__WORK ITEM__
Begin at the top of the records below and print each line exactly until the line containing "elements below it])" has been printed; any pictures are to be left out.

[Stored items from a collection]
▽

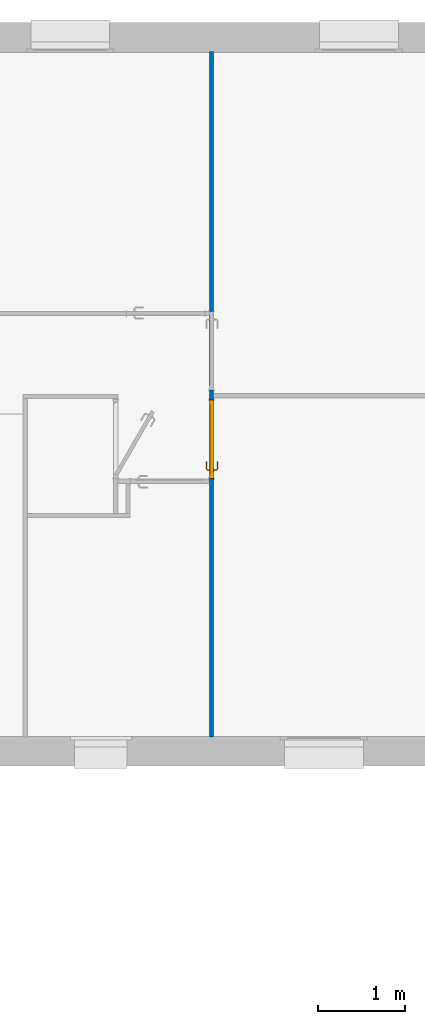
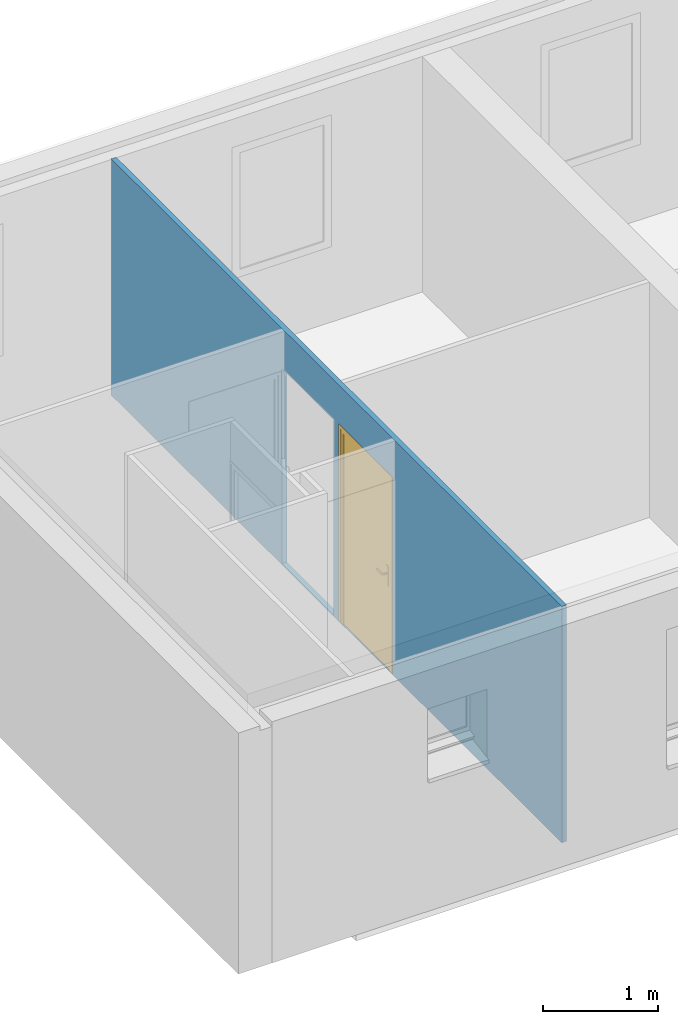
# One storey, part 5 of 13: 1 door, 1 wall, 3 openings.
"""IFC2X3 building model written with IfcOpenShell, lengths in metres."""

import ifcopenshell
import ifcopenshell.guid

model = None  # the IFC model being written
_history = None  # IfcOwnerHistory: only IFC2X3 demands one
_inside = {}  # id of a spatial element -> (the spatial element, [elements in it])
_under = {}  # id of a project, library or spatial element -> (it, [spatial elements below it])
_declared = {}  # id of a project -> (the project, [libraries it declares])
_typed = {}  # id of a type object -> (the type object, [elements of that type])
_made_of = {}  # id of a material, layer set ... -> (it, [elements and type objects made of it])


def new_model(schema):
    """Start an empty IFC model of exactly this schema.

    Asked for "IFC4X3", IfcOpenShell would pick the latest addendum, in which some entities
    have other attributes; the version numbers below select the first issue.
    IFC2X3 requires an IfcOwnerHistory on every rooted entity: one is made here for all.
    """
    global model, _history
    if schema == "IFC4X3":
        model = ifcopenshell.file(schema_version=(4, 3, 0, 0))
    else:
        model = ifcopenshell.file(schema=schema)
    _inside.clear()
    _under.clear()
    _declared.clear()
    _typed.clear()
    _made_of.clear()
    _history = None
    if model.schema == "IFC2X3":
        org = make("IfcOrganization", Name="unknown")
        user = make(
            "IfcPersonAndOrganization",
            ThePerson=make("IfcPerson", FamilyName="unknown"),
            TheOrganization=org,
        )
        app = make(
            "IfcApplication",
            ApplicationDeveloper=org,
            Version="unknown",
            ApplicationFullName="unknown",
            ApplicationIdentifier="unknown",
        )
        _history = make(
            "IfcOwnerHistory",
            OwningUser=user,
            OwningApplication=app,
            ChangeAction="ADDED",
            CreationDate=0,
        )
    return model


def make(cls, **values):
    """One entity of the class cls with the attributes given. An attribute that is None is left unset."""
    return model.create_entity(
        cls, **{name: value for name, value in values.items() if value is not None}
    )


def entity(cls, *values):
    """Any entity or typed value of the class cls, its attributes in the order of the schema. None: left unset."""
    e = model.create_entity(cls)
    for i, value in enumerate(values):
        if value is not None:
            e[i] = value
    return e


def rooted(cls, **values):
    """An entity with a GlobalId (a new one), such as an element, a storey or a relation."""
    return make(cls, GlobalId=ifcopenshell.guid.new(), OwnerHistory=_history, **values)


def si_unit(unit_type, name, prefix=None):
    """IfcSIUnit, for example si_unit("LENGTHUNIT", "METRE", prefix="MILLI")."""
    return make("IfcSIUnit", UnitType=unit_type, Prefix=prefix, Name=name)


def converted_unit(unit_type, name, factor, base, dimensions=None, offset=None):
    """IfcConversionBasedUnit, such as the inch: factor (a typed value) times the base unit."""
    return make(
        "IfcConversionBasedUnit"
        if offset is None
        else "IfcConversionBasedUnitWithOffset",
        ConversionOffset=offset,
        Dimensions=None
        if dimensions is None
        else entity("IfcDimensionalExponents", *dimensions),
        UnitType=unit_type,
        Name=name,
        ConversionFactor=make(
            "IfcMeasureWithUnit", ValueComponent=factor, UnitComponent=base
        ),
    )


def derived_unit(unit_type, elements):
    """IfcDerivedUnit: a product of units, each with its exponent."""
    return make(
        "IfcDerivedUnit",
        Elements=[
            make("IfcDerivedUnitElement", Unit=unit, Exponent=power)
            for unit, power in elements
        ],
        UnitType=unit_type,
    )


def assignment(units):
    """IfcUnitAssignment: the units of a project."""
    return None if units is None else make("IfcUnitAssignment", Units=units)


def point(xyz):
    """IfcCartesianPoint."""
    return None if xyz is None else make("IfcCartesianPoint", Coordinates=xyz)


def direction(xyz):
    """IfcDirection."""
    return None if xyz is None else make("IfcDirection", DirectionRatios=xyz)


def frame(location, z_axis=None, x_axis=None):
    """IfcAxis2Placement3D, a coordinate frame: its origin and axes. An axis left out is left unset."""
    return make(
        "IfcAxis2Placement3D",
        Location=point(location),
        Axis=direction(z_axis),
        RefDirection=direction(x_axis),
    )


def frame_2d(location, x_axis=None):
    """IfcAxis2Placement2D, a coordinate frame in the plane: its origin and x axis."""
    return make(
        "IfcAxis2Placement2D", Location=point(location), RefDirection=direction(x_axis)
    )


def origin():
    """The frame at (0, 0, 0) with its axes left unset."""
    return frame((0.0, 0.0, 0.0))


def place(relative_to, where):
    """IfcLocalPlacement: puts the frame where relative to a parent placement (None: the world)."""
    return make(
        "IfcLocalPlacement", PlacementRelTo=relative_to, RelativePlacement=where
    )


def context(
    kind, dimensions, precision=None, world=None, true_north=None, identifier=None
):
    """IfcGeometricRepresentationContext, for example the 3D "Model" context."""
    return make(
        "IfcGeometricRepresentationContext",
        ContextIdentifier=identifier,
        ContextType=kind,
        CoordinateSpaceDimension=dimensions,
        Precision=precision,
        WorldCoordinateSystem=world,
        TrueNorth=true_north,
    )


def subcontext(parent, identifier, kind, view, scale=None):
    """IfcGeometricRepresentationSubContext, for example "Body" below "Model"."""
    return make(
        "IfcGeometricRepresentationSubContext",
        ContextIdentifier=identifier,
        ContextType=kind,
        ParentContext=parent,
        TargetScale=scale,
        TargetView=view,
    )


def project(units=None, contexts=None):
    """IfcProject with its units and contexts."""
    return rooted(
        "IfcProject",
        Name="project",
        RepresentationContexts=contexts,
        UnitsInContext=assignment(units),
    )


def spatial(cls, under=None, at=None, **own):
    """A site, building, storey or space (cls), placed at a placement, below another one or the project."""
    s = rooted(cls, ObjectPlacement=at, **own)
    if under is not None:
        _under.setdefault(under.id(), (under, []))[1].append(s)
    return s


def profile(cls, at=None, kind="AREA", **sizes):
    """A parametric profile (cls). Its sizes go by their IFC names, for example OverallWidth=200.0."""
    return make(cls, ProfileType=kind, Position=at, **sizes)


def rectangle(**sizes):
    """IfcRectangleProfileDef."""
    return profile("IfcRectangleProfileDef", **sizes)


def extrude(swept, where, along, depth):
    """IfcExtrudedAreaSolid: the profile swept, set in the frame where, extruded along a direction by depth."""
    return make(
        "IfcExtrudedAreaSolid",
        SweptArea=swept,
        Position=where,
        ExtrudedDirection=direction(along),
        Depth=depth,
    )


def faces_of(points, faces, orient=None, outer=None):
    """IfcFace entities. A face is a list of loops; a loop is a list of indices into points, from 0.

    orient and outer hold one flag for each loop. By default every Orientation is true, the
    first loop of a face is its IfcFaceOuterBound and the others are IfcFaceBound.
    """
    made = []
    for i, loops in enumerate(faces):
        bounds = []
        for j, loop in enumerate(loops):
            is_outer = j == 0 if outer is None else outer[i][j]
            bounds.append(
                make(
                    "IfcFaceOuterBound" if is_outer else "IfcFaceBound",
                    Bound=make("IfcPolyLoop", Polygon=[points[k] for k in loop]),
                    Orientation=True if orient is None else orient[i][j],
                )
            )
        made.append(make("IfcFace", Bounds=bounds))
    return made


def faceted_brep(points, faces, orient=None, outer=None, voids=None):
    """IfcFacetedBrep: a solid bounded by flat faces; with voids (closed shells), ...WithVoids."""
    shared = [point(p) for p in points]
    hull = make("IfcClosedShell", CfsFaces=faces_of(shared, faces, orient, outer))
    if voids is None:
        return make("IfcFacetedBrep", Outer=hull)
    return make(
        "IfcFacetedBrepWithVoids",
        Outer=hull,
        Voids=[
            make(cls, CfsFaces=faces_of(shared, fs, o, b)) for cls, fs, o, b in voids
        ],
    )


def shape(context_of_items, identifier, shape_type, items):
    """IfcShapeRepresentation: the items that make up one representation, for example the "Body"."""
    return make(
        "IfcShapeRepresentation",
        ContextOfItems=context_of_items,
        RepresentationIdentifier=identifier,
        RepresentationType=shape_type,
        Items=items,
    )


def source(mapping_origin, context_of_items, identifier, shape_type, items):
    """IfcRepresentationMap: a shape defined once, which mapped items show again and again."""
    return make(
        "IfcRepresentationMap",
        MappingOrigin=mapping_origin,
        MappedRepresentation=shape(context_of_items, identifier, shape_type, items),
    )


def transform(
    local_origin,
    x_axis=None,
    y_axis=None,
    z_axis=None,
    scale=None,
    scale2=None,
    scale3=None,
    uniform=True,
):
    """IfcCartesianTransformationOperator3D, or its non-uniform kind. x_axis, y_axis, z_axis: its Axis1, 2, 3."""
    if uniform:
        return make(
            "IfcCartesianTransformationOperator3D",
            Axis1=direction(x_axis),
            Axis2=direction(y_axis),
            LocalOrigin=point(local_origin),
            Scale=scale,
            Axis3=direction(z_axis),
        )
    return make(
        "IfcCartesianTransformationOperator3DnonUniform",
        Axis1=direction(x_axis),
        Axis2=direction(y_axis),
        LocalOrigin=point(local_origin),
        Scale=scale,
        Axis3=direction(z_axis),
        Scale2=scale2,
        Scale3=scale3,
    )


def mapped(mapping_source, mapping_target):
    """IfcMappedItem: shows the shape of a source again, moved by a transform."""
    return make(
        "IfcMappedItem", MappingSource=mapping_source, MappingTarget=mapping_target
    )


def material(Name=None, Category=None):
    """IfcMaterial."""
    return make("IfcMaterial", Name=Name, Category=Category)


def material_list(materials):
    """IfcMaterialList."""
    return make("IfcMaterialList", Materials=materials)


def layer(
    of_material, thickness, ventilated=None, Name=None, Category=None, Priority=None
):
    """IfcMaterialLayer: one layer of a wall or slab, of a material (None: an air gap)."""
    return make(
        "IfcMaterialLayer",
        Material=of_material,
        LayerThickness=thickness,
        IsVentilated=ventilated,
        Name=Name,
        Category=Category,
        Priority=Priority,
    )


def layer_set(layers, Name=None):
    """IfcMaterialLayerSet."""
    return make("IfcMaterialLayerSet", MaterialLayers=layers, LayerSetName=Name)


def layer_usage(for_layer_set, set_direction, sense, offset, extent=None):
    """IfcMaterialLayerSetUsage: how a layer set lies in its element."""
    return make(
        "IfcMaterialLayerSetUsage",
        ForLayerSet=for_layer_set,
        LayerSetDirection=set_direction,
        DirectionSense=sense,
        OffsetFromReferenceLine=offset,
        ReferenceExtent=extent,
    )


def made_of(thing, what):
    """Note that an element or type object is made of a material, layer set ...; save() writes the relation."""
    if what is not None:
        _made_of.setdefault(what.id(), (what, []))[1].append(thing)
    return thing


def type_object(cls, material=None, **own):
    """A type object (cls), such as IfcWallType, which elements share."""
    return made_of(rooted(cls, **own), material)


def type_shapes(of_type, sources):
    """Give a type object the sources (RepresentationMaps) that its elements show as mapped items."""
    of_type.RepresentationMaps = sources


def element(
    cls,
    number,
    at=None,
    inside=None,
    cuts=None,
    type_object=None,
    material=None,
    context=None,
    identifier="Body",
    shape_type=None,
    held_by="IfcProductDefinitionShape",
    body=None,
    shapes=None,
    **own,
):
    """One element of the class cls, such as IfcWall. Its Tag is "e" and its number.

    at: its placement. inside: the storey or other place that contains it. cuts: it is an
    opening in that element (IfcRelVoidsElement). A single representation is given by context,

△

__RESPONSE AREA__
# One storey, part 5 of 13: 1 door, 1 wall, 3 openings.
"""IFC2X3 building model written with IfcOpenShell, lengths in metres."""

import ifcopenshell
import ifcopenshell.guid

model = None  # the IFC model being written
_history = None  # IfcOwnerHistory: only IFC2X3 demands one
_inside = {}  # id of a spatial element -> (the spatial element, [elements in it])
_under = {}  # id of a project, library or spatial element -> (it, [spatial elements below it])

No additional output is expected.